Here are a few pictures of our new cat 'Neo.' He is a Maine Coon and about 4 months old now.


----------



## tafwoc (Nov 12, 2009)

parkershots said:


> Here are a few pictures of our new cat 'Neo.' He is a Maine Coon and about 4 months old now.


OMG hes amazing! An those pictures are stunning!


----------



## PinkPaws (Jan 4, 2010)

Great pics! He's beautiful


----------



## mckitty (Jan 11, 2009)

great photos, hes superb looking fellow isnt he ?


----------



## parkershots (Jul 16, 2009)

Thanks for your comments everyone. Yeah, he is a great little cat and gorgeous to match. He's also extremely affectionate and has bundles of character.


----------



## colliemerles (Nov 2, 2007)

what brilliant pictures, and a very cute kitty,.,,


----------



## Riverwish (May 2, 2009)

He is gorgeous


----------



## manickbarry (Jan 23, 2010)

Looks very cute indeed, are you a photographer? those photos look great


----------



## Dally Banjo (Oct 22, 2009)

:001_wub:Awwwwwwwwwwww so cute, want, want, want, need, need, need now  great name & pics to


----------



## kittykat (Nov 2, 2007)

hes gorgeous!! fab pics


----------



## suzy93074 (Sep 3, 2008)

Wow stunning pics of a stunning kitty


----------



## parkershots (Jul 16, 2009)

Thanks again for all the comments - about Neo and the pictures. I'll be sure to let Neo know he has a few more fans. As you can imagine, he's captured the hearts of everyone who has met him so far.

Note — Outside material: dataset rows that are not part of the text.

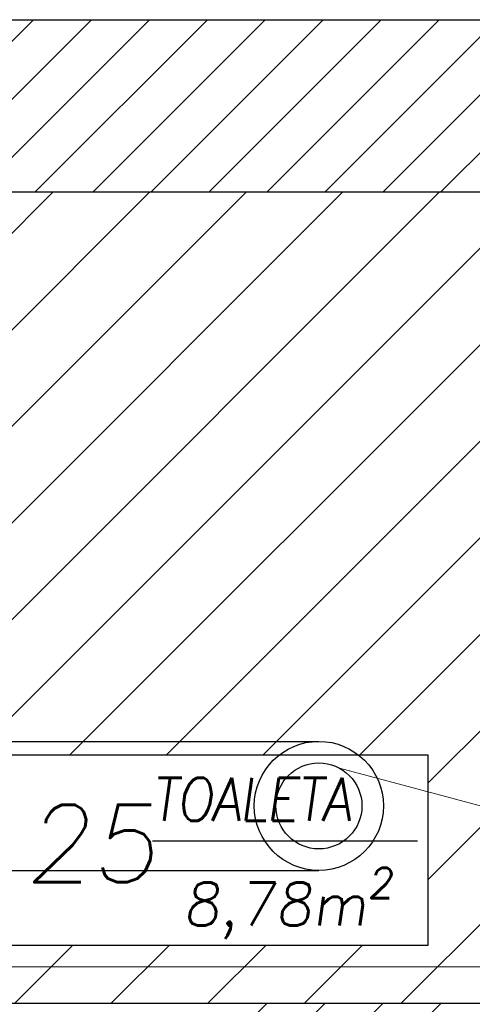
# Model space of a CAD drawing. Header units: millimetres. Extents: x -486876 to 553054, y -140324 to 834178.
# Tile 80 of 155: x -75591 to -74539, y 81199 to 83487. Entities that reach past the tile are written whole.
import ezdxf
from ezdxf.enums import TextEntityAlignment as Align

# ---------------------------------------------------------------- set-up
doc = ezdxf.new("R2010")
doc.units = ezdxf.units.MM
doc.linetypes.add('DASH2', pattern=[0.75, 0.5, -0.25])
for name, color, linetype, lineweight in [('_XREF', 252, 'DASH2', 13), ('IS_GAZ', 2, 'Continuous', 30), ('IS_GAZ_URZĄDZENIA', 7, 'Continuous', 20), ('IS_GAZ_WYMIAR', 7, 'Continuous', 20), ('IS_OPIS', 7, 'Continuous', 25), ('XREF$0$ściana nośna', 8, 'Continuous', 30)]:
    doc.layers.add(name, color=color, linetype=linetype, lineweight=lineweight)
for name, color, linetype in [('XREF$0$DRZWI', 8, 'Continuous'), ('XREF$0$OPIS', 8, 'Continuous'), ('XREF$0$WYPEŁNIENIA', 8, 'Continuous')]:
    doc.layers.add(name, color=color, linetype=linetype)
doc.styles.add('XREF$0$APLUS', font='arial.ttf', dxfattribs={"width": 0.6})
doc.styles.add('XREF$0$Standard', font='arial.ttf')
pattern_1 = [(45, (-52999.899, 13162.694), (-6.7351921, 6.7351921), [])]

# ---------------------------------------------------------------- blocks, each defined once
blk = doc.blocks.new('XREF')
at = {"layer": 'XREF$0$WYPEŁNIENIA'}
h = blk.add_hatch(dxfattribs=at)
h.set_pattern_fill('ANSI31', color=256, scale=3)
h.set_pattern_definition(pattern_1)
h.paths.add_polyline_path([(3567.22, 11289.37), (3507.62, 11289.37), (3507.62, 11249.37), (3567.22, 11249.37)])
h.paths.add_polyline_path([(3507.62, 11289.37), (3302.26, 11289.37), (3302.26, 11249.37), (3507.62, 11249.37)])
h.paths.add_polyline_path([(3796.56, 11289.37), (3567.22, 11289.37), (3567.22, 11249.37), (3766.56, 11249.37), (3766.56, 11216.34), (3796.56, 11216.34)])
h = blk.add_hatch(dxfattribs=at)
h.set_pattern_fill('ANSI31', color=256, scale=5)
h.set_pattern_definition([(45, (-28088.064, -1137.435), (-11.22532, 11.22532), [])])
h.paths.add_polyline_path([(3507.62, 11249.37), (3302.26, 11249.37), (3291.28, 11249.37, -0.340372), (3215.64, 11191.14), (3215.64, 11185.59), (3212.85, 11185.59), (3212.85, 11249.37), (3207.26, 11249.37), (3201.56, 11249.37), (3201.56, 11060.83), (3456.22, 11060.83), (3456.22, 11074.33), (3456.22, 11118.49), (3507.62, 11118.49)])
h.paths.add_polyline_path([(3766.56, 11249.37), (3507.62, 11249.37), (3507.62, 11118.49), (3555.71, 11118.49), (3555.71, 11074.33), (3507.62, 11074.33), (3507.62, 11060.83), (3766.56, 11060.83), (3766.56, 11096.65), (3766.56, 11216.34)])
h.paths.add_polyline_path([(3571.08, 11127.38), (3697.5, 11127.38), (3697.5, 11083.21), (3571.08, 11083.21)], flags=16)
h.paths.add_polyline_path([(3507.62, 11074.33), (3456.22, 11074.33), (3456.22, 11060.83), (3507.62, 11060.83)], flags=17)
h.paths.add_polyline_path([(3575.22, 11093.38), (3613.36, 11093.38), (3617.14, 11120.3), (3579, 11120.3)], flags=8)
h.paths.add_polyline_path([(3615.95, 11109.61), (3693.87, 11109.61), (3695.97, 11124.56), (3618.05, 11124.56)], flags=8)
h.paths.add_polyline_path([(3615.46, 11086.76), (3678.55, 11086.76), (3681.36, 11106.78), (3618.27, 11106.78)], flags=8)
h = blk.add_hatch(dxfattribs=at)
h.set_pattern_fill('ANSI31', color=256, scale=3)
h.set_pattern_definition(pattern_1)
h.paths.add_polyline_path([(3536.35, 10935.51), (3530.35, 10935.51), (3530.35, 10801.78), (3536.35, 10801.78)])
h.paths.add_polyline_path([(3536.35, 11045.83), (3530.35, 11045.83), (3530.35, 10945.96), (3533.62, 10945.96), (3536.35, 10945.96)], flags=17)
h.paths.add_polyline_path([(3796.56, 11096.65), (3766.56, 11096.65), (3766.56, 11060.83), (3507.62, 11060.83), (3507.62, 11045.83), (3526.56, 11045.83), (3626.56, 11045.83), (3626.56, 10935.51), (3636.56, 10935.51), (3636.56, 11045.83), (3766.56, 11045.83), (3796.56, 11045.83)])
edge = h.paths.add_edge_path()
edge.add_arc((3779.04, 10935.86), 93.67, 192.1343, 192.8888, ccw=False)
edge.add_line((3687.46, 10916.17), (3684.53, 10916.17))
edge.add_line((3684.53, 10916.17), (3684.53, 10926.14))
edge.add_line((3684.53, 10926.14), (3636.56, 10926.14))
edge.add_line((3636.56, 10926.14), (3636.56, 10935.51))
edge.add_line((3636.56, 10935.51), (3626.56, 10935.51))
edge.add_line((3626.56, 10935.51), (3626.56, 10926.14))
edge.add_line((3626.56, 10926.14), (3626.56, 10916.14))
edge.add_line((3626.56, 10916.14), (3626.56, 10891.78))
edge.add_line((3626.56, 10891.78), (3687.73, 10891.78))
edge.add_line((3687.73, 10891.78), (3687.73, 10914.97))
h.paths.add_polyline_path([(3647.75, 10901.56), (3633.75, 10901.56), (3633.75, 10915.56), (3647.75, 10915.56)], flags=16)
h.paths.add_polyline_path([(3796.56, 10926.14), (3766.56, 10926.14), (3766.56, 10872.13), (3796.56, 10872.13)])
h.paths.add_polyline_path([(3796.56, 10818.23), (3766.56, 10818.23), (3766.56, 10801.78), (3747.83, 10801.78), (3747.83, 10786.78), (3766.56, 10786.78), (3766.56, 10776.78), (3796.56, 10776.78)])
h.paths.add_polyline_path([(3747.83, 10801.78), (3680.36, 10801.78), (3680.36, 10786.78), (3747.83, 10786.78)])
h.paths.add_polyline_path([(3406.41, 10801.78), (3376.56, 10801.78), (3376.56, 10889.68), (3446.15, 10889.68), (3446.56, 10916.14), (3446.56, 10926.14), (3446.56, 10935.51), (3441.16, 10935.51), (3441.16, 10923.53), (3427.16, 10923.53), (3427.16, 10935.51), (3409.73, 10935.51), (3409.73, 10923.53), (3395.73, 10923.53), (3395.73, 10935.51), (3378.3, 10935.51), (3378.3, 10923.53), (3364.3, 10923.53), (3364.3, 10935.51), (3337.08, 10935.51), (3337.08, 10926.14), (3301.56, 10926.14), (3301.56, 10920.14), (3301.56, 10916.14), (3337.08, 10916.14), (3337.08, 10889.68), (3361.56, 10889.68), (3361.56, 10801.78), (3189.06, 10801.78), (3176.56, 10801.78), (3176.56, 10766.78), (3201.56, 10766.78), (3201.56, 10786.78), (3406.41, 10786.78)])
h.paths.add_polyline_path([(3214.49, 10923.14), (3214.49, 10926.14), (3201.56, 10926.14), (3201.56, 10935.51), (3176.56, 10935.51), (3176.56, 10901.78), (3201.56, 10901.78), (3201.56, 10916.14), (3214.49, 10916.14)], flags=17)
h.paths.add_polyline_path([(3176.56, 10801.78), (3006.73, 10801.78), (3006.73, 10789.78), (3176.56, 10789.78)])
h.paths.add_polyline_path([(2906.73, 10801.78), (2815.34, 10801.78), (2815.34, 10789.78), (2894.64, 10789.78), (2904.95, 10789.78)])
h.paths.add_polyline_path([(2896.56, 10935.51), (2871.56, 10935.51), (2871.56, 10801.78), (2896.56, 10801.78)])
h.paths.add_polyline_path([(2892.75, 10828.64), (2910.53, 10828.64), (2910.53, 10842.14), (2892.75, 10842.14)])
at = {"layer": 'XREF$0$OPIS'}
blk.add_line((3491.61, 11098.58), (3553.23, 11098.58), dxfattribs=at)
blk.add_lwpolyline([(3555.71, 11118.49), (3456.22, 11118.49), (3456.22, 11074.33), (3555.71, 11074.33)], close=True, dxfattribs=at)
at = {"layer": 'XREF$0$ściana nośna'}
for p, q in [((3302.26, 11289.37), (3796.56, 11289.37)), ((3302.26, 11249.37), (3766.56, 11249.37)), ((3201.56, 11060.83), (3766.56, 11060.83))]:
    blk.add_line(p, q, dxfattribs=at)
at = {"style": 'XREF$0$APLUS'}
blk.add_attdef('165', text='', height=12.94, rotation=90, dxfattribs=at).set_placement((5850.28, 4086.91), align=Align.TOP_CENTER)
blk.add_attdef('70', text='', height=12.94, rotation=90, dxfattribs=at).set_placement((5846.74, 4087.03), align=Align.BOTTOM_CENTER)
at = {"layer": 'XREF$0$DRZWI', "style": 'XREF$0$APLUS'}
for tag, height, p in [('90', 10.59, (3968.05, 17970.78)), ('90', 10.59, (4273.69, 17907.63)), ('90', 10.59, (4647.11, 17907.63)), ('90', 10.59, (4995.74, 17907.63)), ('90', 10.59, (5345.01, 17907.63)), ('90', 8.24, (3625.86, 17450.53)), ('90', 8.24, (4282.58, 17436.64)), ('90', 8.24, (4577.82, 17436.64)), ('90', 8.24, (5003.12, 17436.64)), ('90', 8.24, (5300.95, 17436.64)), ('90', 8.24, (5625.63, 17350.96)), ('110', 12.94, (3772.73, 10725.01)), ('100', 12.94, (3763.85, 10003.38)), ('90', 10.59, (3383.41, 9921.97)), ('83', 10.59, (4118.73, 4184.03))]:
    blk.add_attdef(tag, text='', height=height, dxfattribs=at).set_placement(p, align=Align.BOTTOM_CENTER)
for tag, height, p in [('200', 10.59, (3967.95, 17967.89)), ('200', 10.59, (4273.59, 17904.74)), ('200', 10.59, (4647.01, 17904.74)), ('200', 10.59, (4995.64, 17904.74)), ('200', 10.59, (5344.91, 17904.74)), ('200', 8.24, (3625.86, 17448.28)), ('200', 8.24, (4282.58, 17434.39)), ('200', 8.24, (4577.82, 17434.39)), ('200', 8.24, (5003.12, 17434.39)), ('200', 8.24, (5300.95, 17434.39)), ('200', 8.24, (5625.63, 17348.71)), ('210', 12.94, (3772.6, 10721.48)), ('200', 12.94, (3763.85, 9999.84)), ('200', 10.59, (3383.31, 9919.08)), ('178', 10.59, (4118.62, 4181.14))]:
    blk.add_attdef(tag, text='', height=height, dxfattribs=at).set_placement(p, align=Align.TOP_CENTER)
for tag, height, p in [('205', 10.59, (4204.92, 17787.31)), ('210', 10.59, (5722.65, 17787.31)), ('210', 12.94, (4044.07, 17776.19)), ('210', 12.94, (4602.86, 17776.83)), ('210', 12.94, (4951.5, 17776.83)), ('210', 12.94, (5300.98, 17776.83)), ('210', 12.94, (3579.16, 17557.04)), ('210', 12.94, (3935.88, 17557.04)), ('210', 12.94, (4219.13, 17557.04)), ('210', 12.94, (4633.7, 17557.04)), ('210', 12.94, (4958.43, 17557.04)), ('210', 12.94, (5356.84, 17557.04)), ('210', 12.94, (5615.9, 17557.04)), ('200', 11.76, (4716.1, 10187.15)), ('200', 11.76, (4936.97, 10128.95)), ('200', 11.76, (5363.02, 10117.1)), ('210', 13.53, (3475.75, 9987.9)), ('170', 11.76, (4209.38, 4035.73))]:
    blk.add_attdef(tag, text='', height=height, rotation=90, dxfattribs=at).set_placement(p, align=Align.TOP_CENTER)
for tag, height, p in [('100', 10.59, (5719.75, 17787.41)), ('96', 10.59, (4202.03, 17787.41)), ('100', 12.94, (4599.33, 17776.96)), ('100', 12.94, (4947.96, 17776.96)), ('100', 12.94, (5297.45, 17776.96)), ('100', 12.94, (4040.53, 17776.32)), ('100', 12.94, (3575.63, 17557.16)), ('100', 12.94, (3932.34, 17557.16)), ('100', 12.94, (4215.59, 17557.16)), ('100', 12.94, (4630.17, 17557.16)), ('100', 12.94, (4954.89, 17557.16)), ('100', 12.94, (5353.3, 17557.16)), ('100', 12.94, (5612.36, 17557.16)), ('90', 11.76, (4712.89, 10187.26)), ('90', 11.76, (4933.75, 10129.07)), ('90', 11.76, (5359.81, 10117.21)), ('120', 13.53, (3472.06, 9987.9)), ('90', 11.76, (4206.17, 4035.84))]:
    blk.add_attdef(tag, text='', height=height, rotation=90, dxfattribs=at).set_placement(p, align=Align.BOTTOM_CENTER)
at = {"layer": 'XREF$0$OPIS', "attachment_point": 1, "style": 'XREF$0$Standard'}
for s, insert, char_height in [('\\A1;{\\Fromans|c238;\\Q8;\\W0.9;\\T0.95;TOALETA}', (3491.28, 11113.2), 10), ('\\A1;{\\Fromans|c238;\\Q8;25}', (3461.84, 11106.96), 18), ('\\A1;{\\Fromans|c238;\\Q8;8,78m\\H0.7x;\\S2^ ;}', (3498.71, 11092.26), 10)]:
    blk.add_mtext_dynamic_manual_height_columns(s, width=79.0239, gutter_width=1, heights=[0], dxfattribs=dict(at, insert=insert, char_height=char_height))

msp = doc.modelspace()

# ---------------------------------------------------------------- linework, layer by layer
at = {"layer": 'IS_GAZ'}
msp.add_lwpolyline([(-72232.9138, 82994.4129), (-72676.37533, 82991.26975), (-72676.37533, 81286.56008), (-76094.65138, 81285.59474)], dxfattribs=at)
at = {"layer": 'IS_GAZ_URZĄDZENIA', "lineweight": 30}
for radius in [150, 100]:
    msp.add_circle((-74895.39576, 81660.46218), radius, dxfattribs=at)
at = {"layer": 'IS_GAZ_WYMIAR'}
msp.add_line((-71949.37211, 80973.63363), (-74847.30953, 81748.1418), dxfattribs=at)
at = {"layer": 'IS_OPIS', "lineweight": 30}
for p, q in [((-76957.53827, 81810.46218), (-74895.39576, 81810.46218)), ((-76957.53827, 81510.46218), (-74895.39576, 81510.46218))]:
    msp.add_line(p, q, dxfattribs=at)

# ---------------------------------------------------------------- block references
at = {"layer": '_XREF', "xscale": 10, "yscale": 10, "zscale": 10}
msp.add_blockref('XREF', (-110198.46986, -29406.42919), dxfattribs=at)

doc.saveas('drawing.dxf')

Yes, I am a photographer. I specialise in pet photography so it's been great to have such a gorgeous model to work with at home.


----------



## Suriel (Jan 22, 2010)

Oh wow hes amazing! 
Lovely pictures too, your very talented


----------



## mezzer (Oct 6, 2009)

_Absolutely gorgeous, both kitten and photos_


----------